Bella POV

Alice casi me aventaba por la ventana cuando le conté lo sucedido con Edward en el estacionamiento mientras ella compraba su maquillaje.

No pensé que era tan grave, hasta que mi sabia amiga me hizo ver lo que estaba pasando en realidad; aunque aceptarlo sería atravesar mi orgullo y tener que tragármelo.

Me gustaba Edward, eso era obvio. Pero el problema era que, si mis sentimientos salían a flote, me ponía en desventaja.

Porque esto era una guerra.

Una guerra en la cual no estaba dispuesta a perder.

Aunque el contrincante fuera un dios griego por el cual, cualquier chica haría lo imposible.
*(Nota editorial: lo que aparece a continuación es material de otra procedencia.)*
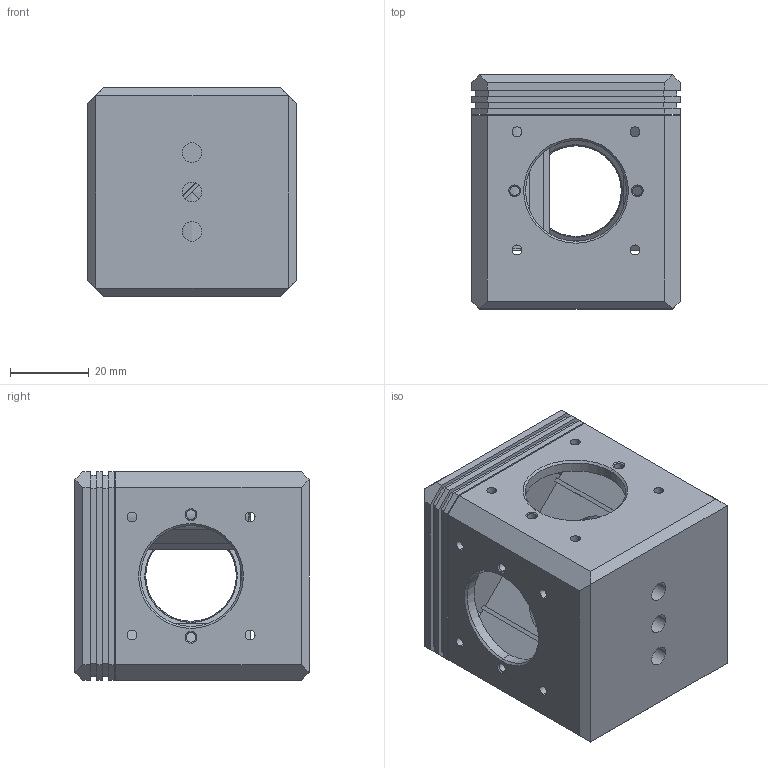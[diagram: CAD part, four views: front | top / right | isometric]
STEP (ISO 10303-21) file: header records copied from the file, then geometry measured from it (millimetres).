
FILE_DESCRIPTION (( 'STEP AP203' ), '1' );
FILE_NAME ('CSC1Q-MPR.STEP', '2024-03-28T03:20:21', ( '' ), ( '' ), 'SwSTEP 2.0', 'SolidWorks 2021', '' );
FILE_SCHEMA (( 'CONFIG_CONTROL_DESIGN' ));
Length unit declared in the file: millimetre
Products named in the file (1): CSC1Q-MPR
Bounding box: 53 x 59.5 x 53 mm (x, y, z)
Surface area: 30652.3 mm2 (no closed solid volume)
Topology: 0 solids, 22 shells, 290 faces, 1339 edges, 1063 vertices
Faces by surface type: plane 158, cylinder 82, cone 44, bspline 6
Entity records: 15595 total; most frequent: CARTESIAN_POINT 4999, DIRECTION 2032, ORIENTED_EDGE 1919, EDGE_CURVE 1339, VERTEX_POINT 1063, VECTOR 920, LINE 920, AXIS2_PLACEMENT_3D 556
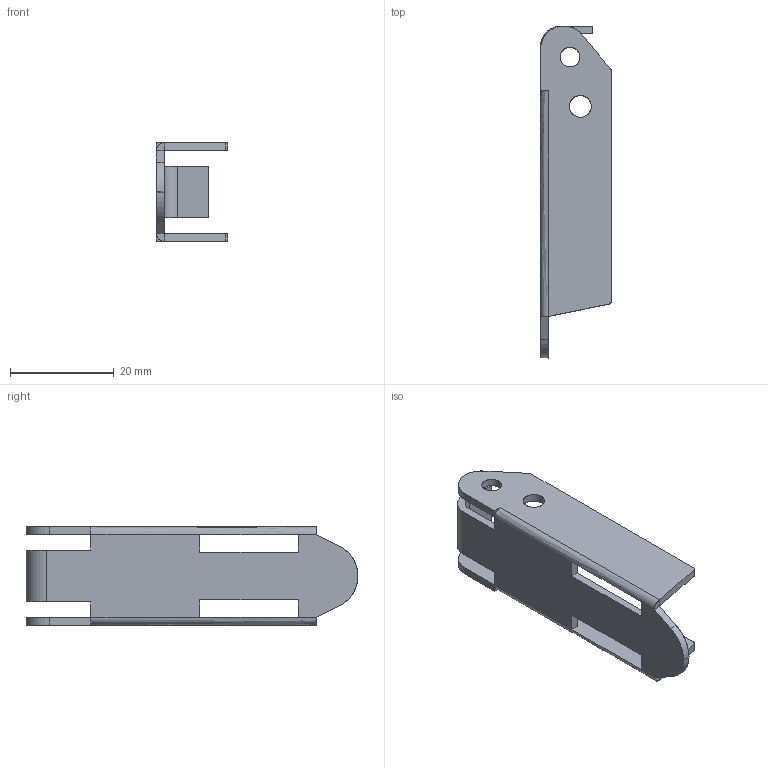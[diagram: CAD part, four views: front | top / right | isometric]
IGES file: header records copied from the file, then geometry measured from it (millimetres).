
Start section: SolidWorks IGES FILE using analytic representation for surfaces
Global section: file name: C:\Documents and Settings\brechard\Bureau\GE 576\546.010.00.IGS; native system: SolidWorks 2001Plus by SolidWorks Corporation; preprocessor: Version 5.3; author: brechard; date: 050126.095804; units: millimetre
Bounding box: 13.7 x 64 x 19 mm (x, y, z)
Surface area: 5013 mm2 (no closed solid volume)
Topology: 0 solids, 0 shells, 55 faces, 710 edges, 710 vertices
Faces by surface type: bspline 35, revolution 20

"Ya estamos listas".-Gritamos Alice y yo. Después de colocar todo lo nuevo que la compradora compulsiva acababa de obligarme a comprar, decidimos utilizar unos de los pantalones color negro, mi blusa era color azul, y la de Alice un rosa pálido.

Edward abrió la puerta del despacho de mi abuelo, y detrás de él, había un chico un poco más alto que el, rubio de grandes azules ojos; el, sin duda era la tranquilidad andando, sus manos estaban en sus bolsillos de sus pantalones y sonreía a la nada.

O en verdad era feliz, o estaba completamente drogado.

"¿Qué hay de comer?".-Preguntó Edward.

"¿Y yo que voy a saber, cabezota? Llegue al mismo tiempo que tu ¿recuerdas?".-Edward frunció el ceño mientras que su amigo cubría su boca para contener una carcajada.

"Ni dos horas Bella, ¿Me pregunto cuánto será tu record sin pelear a alguien?".-Preguntó Edward.-"Yo apuesto que ni un día".

¿Quién se creía? ¡Pero claro que podía durar sin pelear a nadie!

"¿Quieres apostar?".-Lo reté.

"Claro".-Contestó muy confiado de si mismo.-"Te reto a que no puedes durar 12 horas sin burlarte, pelear o cualquier semejanza".-Dijo cubriendo todos los términos.

"Eso no es justo.".-Dije.-"Solo a ti te peleo, eres… peleable".-Le dije provocando que rodara los ojos.

"Muy bien".-Dijo dándome su mano a modo de cerrar el trato.-"Solo no puedes molestarme a mí. Si pierdes, serás mi esclava por una semana".-Una mueca d espanto cruzo mi cara.

¿Una semana como esclava de Edward? Eso sería una tortura. Pero estoy más que segura ganare, así que, ¿Qué más daba?

"Muy bien".-Dije tomando su mano, en cuanto sus dedos se entrelazaron con los míos sentí como miles de descargas eléctricas recorrían cada una de mis terminaciones nerviosas.-"Pero si yo gano, tú serás el mío por un mes".-Dije alargando el plazo

"¡Eh! Eso no es justo".-Alegó soltando mi mano.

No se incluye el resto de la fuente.